Here are some exciting things from my world lately:
- Pies! Recently I got a hold of a book of pie recipes - including a recipe for depression era pie crust (which reminds me of a time I was in England when I was very young and very broke and we made pancakes out of flour and water - only - and then used that same batter as paste for some mail art collages! Yummy!) Yesterday, while soaking up the super hot evening weather, after sitting outside all day, which was like sitting in the furnace with the heat on full blast, I went into the kitchen to make a caramel pie and a blueberry orange cream cheese pie. All was good except for grouchiness at having to turn the oven on when it was so sweltering - and having to stand next to the on oven, for the duration, sweating.
Beautiful pies, though, which I am looking forward to enjoying, possibly poolside at K & P's house in a little while.
- Colors!
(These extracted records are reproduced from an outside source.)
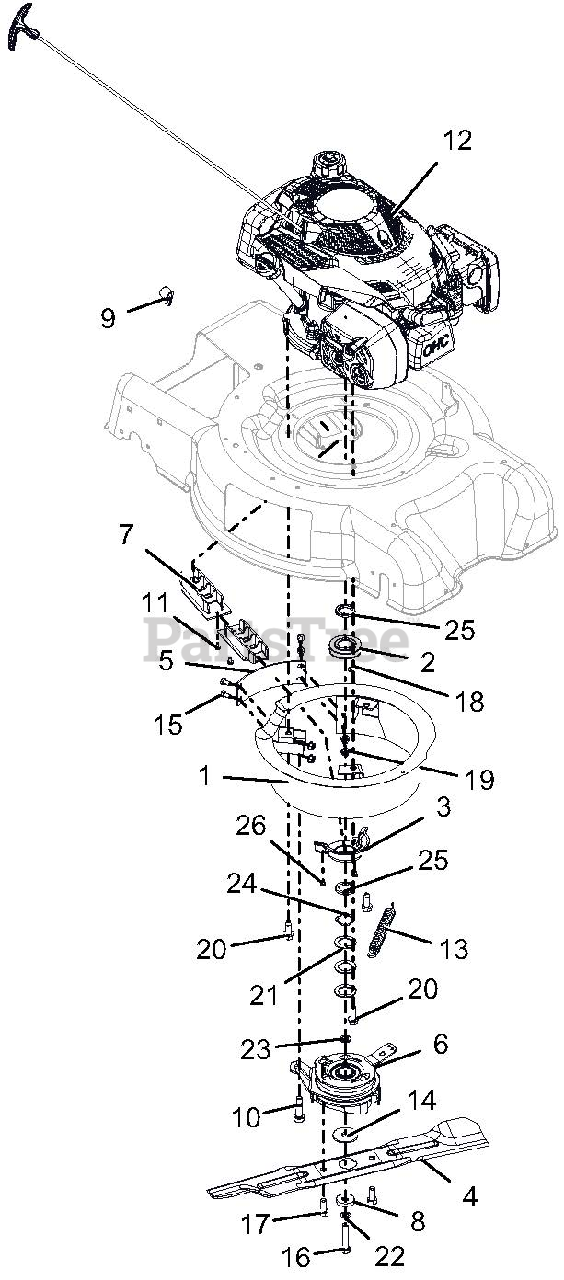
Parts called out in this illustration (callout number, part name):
1	WLDMT, ENCLOSURE - BBC
2	PULLEY, MACHINED POWDER METAL
3	GUIDE, BELT CRANKSHAFT
4	BLADE, MOWER 21" HIGH LIFT-BBC
5	BAFFLE, BBC
6	CLUTCH, RAZOR BBC
7	GUIDE, BELT INNER
8	WASHER-FLAT-STL, .44 X 1.25 X .25 YWZC
9	CLAMP, LM CABLE
10	BLT, SHLDR 12MM X 25 W/M10 THD
11	SCR, TAP 10-24X.375 PRE-COAT 80
12	ENGINE, SUBARU 175CC VERT BBC
13	SPRG, EXTENSION BBC
14	WSHR-FL-STL .469X1.75X.10 YWZC
15	BLT-HEX .25-20X.50 GR5 YWZC
16	BLT-HEX .44-20X2.00 GR5 YWZC
17	BLT-HEX M10 X 1.5X20 GR5 YWZC
18	KEY-SQ .188X.188X.250
19	NUT, LK-TOP-FLG .25-20 YWZC
20	SCR-TAP .38-16X1.00 HWH TR YZ
21	WSHR-FL-STL 1.010X1.505X.062 YWZC
22	WSHR-FL-STL .450X.750X.033 YWZC
23	WSHR-FL-STL .459X.750X.105 YWZC
24	WASHER, WAVE
25	SPCR, 1.00 X 1.375 X .179
26	SCR-TAP 10-24X.25 CRSLPH TR YZ
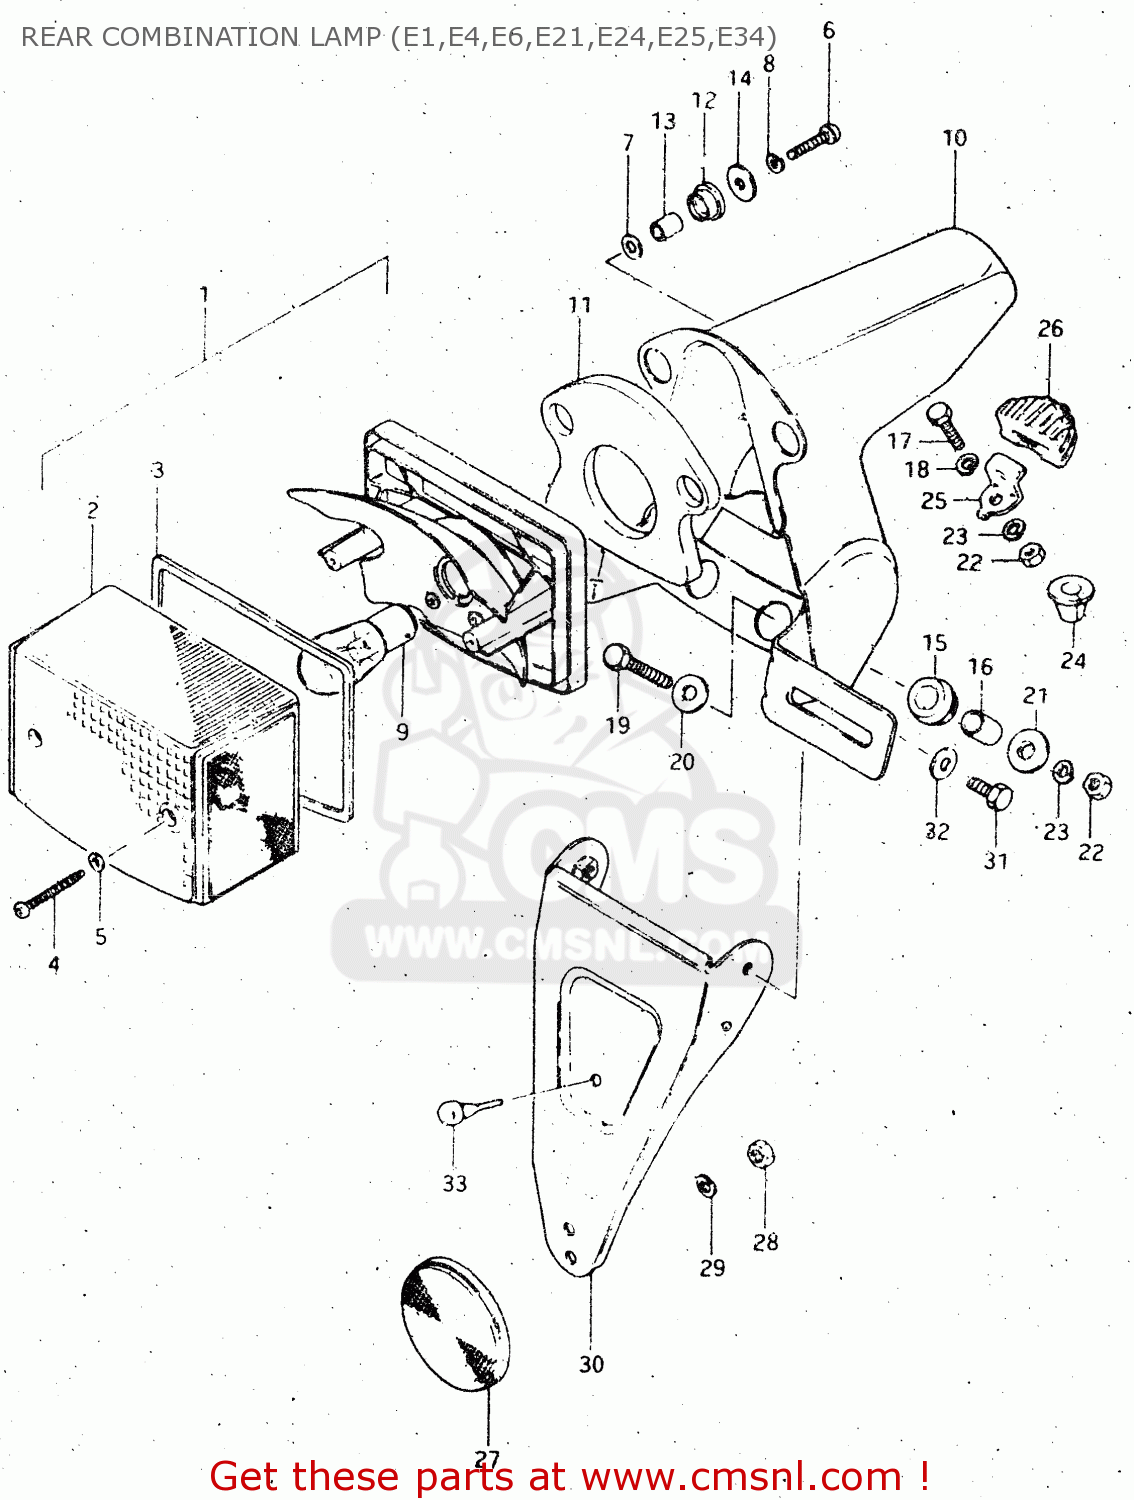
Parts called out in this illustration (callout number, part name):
1	LAMP UNIT, TAIL
2	LENS,RR COMBINATION
3	GASKET (NAS)
4	SCREW
5	GASKET (NAS)
6	SCREW
7	WASHER
8	LOCK WASHER
9	BULB (6V,21/5W)
10	BRACKET ASSY
11	CUSHION,REAR COMBINATION LAMP
12	CUSHION,REAR COMBINATION LAMP
13	SPACER,REAR COMBINATION LAMP
14	WASHER,REAR COMBINATION LAMP
15	CUSHION,REAR COMBINATION LAMP
16	SPACER
17	BOLT
18	LOCK WASHER
19	BOLT
20	WASHER (6.5X20X1.2)
21	WASHER
22	NUT
23	WASHER, LOWER
24	GROMMET
25	PLATE,RR COMBINATION LAMP
26	CUSHION,REAR COMBINATION LAMP
27	REFLEX REFLECTOR,RR
28	NUT
29	LOCK WASHER
30	BRACKET
31	BOLT
32	WASHER
33	CUSHION

Last night I dreamt about the artist's supply store and I was very affectionate (in the dream only) with the manager of the artist's supply store - which speaks to me of my lusting for more time with paints and such. I'm reading "Color - A Natural History of the Palette" by Victoria Finley. Yippee. She is telling the story of how artists' paints got developed, telling the story of colors and how they came from rocks, roots, twigs and insects and were once carried around in pig's bladders by the masters. Here's an excerpt:
"Colormen first appeared in the mid-seventeenth century, preparing canvases, supplying pigments and making brushes. In France some of them were originally luxury goods grocers selling exotica like chocolate and vanilla alongside the cochineal, but most of them quickly turned to full-time art supplying."
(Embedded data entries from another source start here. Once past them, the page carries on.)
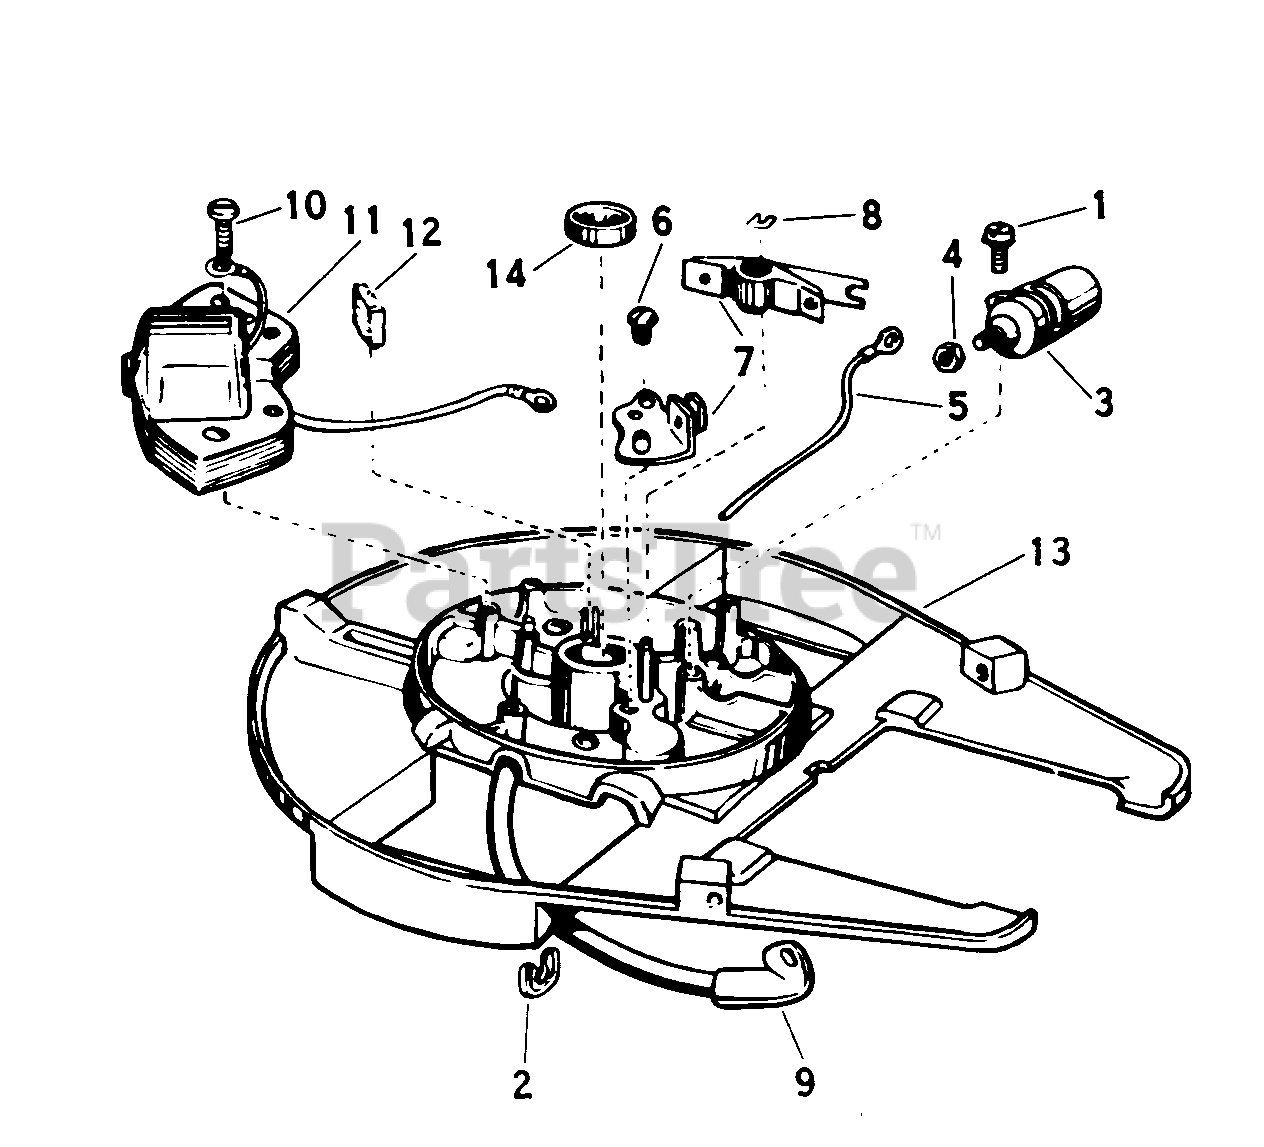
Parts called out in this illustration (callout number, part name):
1	Screw-Condenser Mounting
2	Clamp-High Tension Lead
3	Condenser Assembly
4	Nut-Condenser Terminal
5	Terminal and Lead Assembly
6	Screw-Breaker Base
7	Breaker Base and Arm Assy.
8	Spring Clip-Breaker Post
9	High Tension Lead Assembly
10	Screw-Lamination Mounting
11	Coil and Lamination Assembly
12	Oiler Wick
13	Armature Plate, Bearing, and Oil Seal Assembly
14	Oil Seal
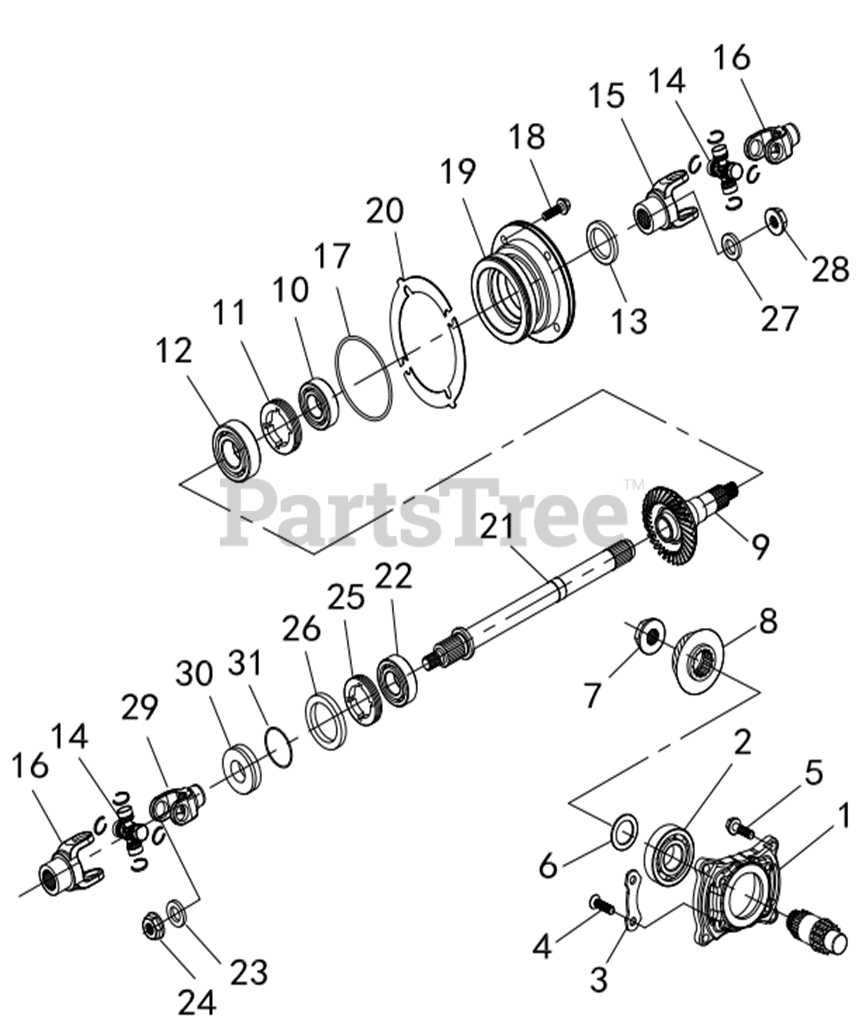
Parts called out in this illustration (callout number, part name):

- Opera! Here in Santa Fe it's opera season and it's an incredible treat to sit at night in the open amphitheater with a soft summer breeze, a slice of golden moon and hello - Madame Butterfly, with it's music by Puccini that turns people like me into the super sappy, weepy cliche version of the opera watcher (before this opera I didn't know this was possible) - just so much beauty it overwhelms. I have to admit though that I was hoping, hoping by the end of it that she would kill herself because it's the only way a story like this can go, it's the only way. Hello, Madame Butterfly, love addiction at this order of magnitude can only end in death! It must end in death! And this is the beauty of fiction and of opera, the beauty of story that turns the human drama into something larger than life, like something wrought with a painter's palette knife, something so incredibly vividly hued it would burn through our corneas if it was real and not made up. Thank heavens for the unreal, it sure does satiate something, something deep down in there that wants to burn itself up but knows this is not sensible, we must wake up tomorrow and live another "real" day, a succession of all too real days.
Ooops, gotta go eat some pie. I'm late.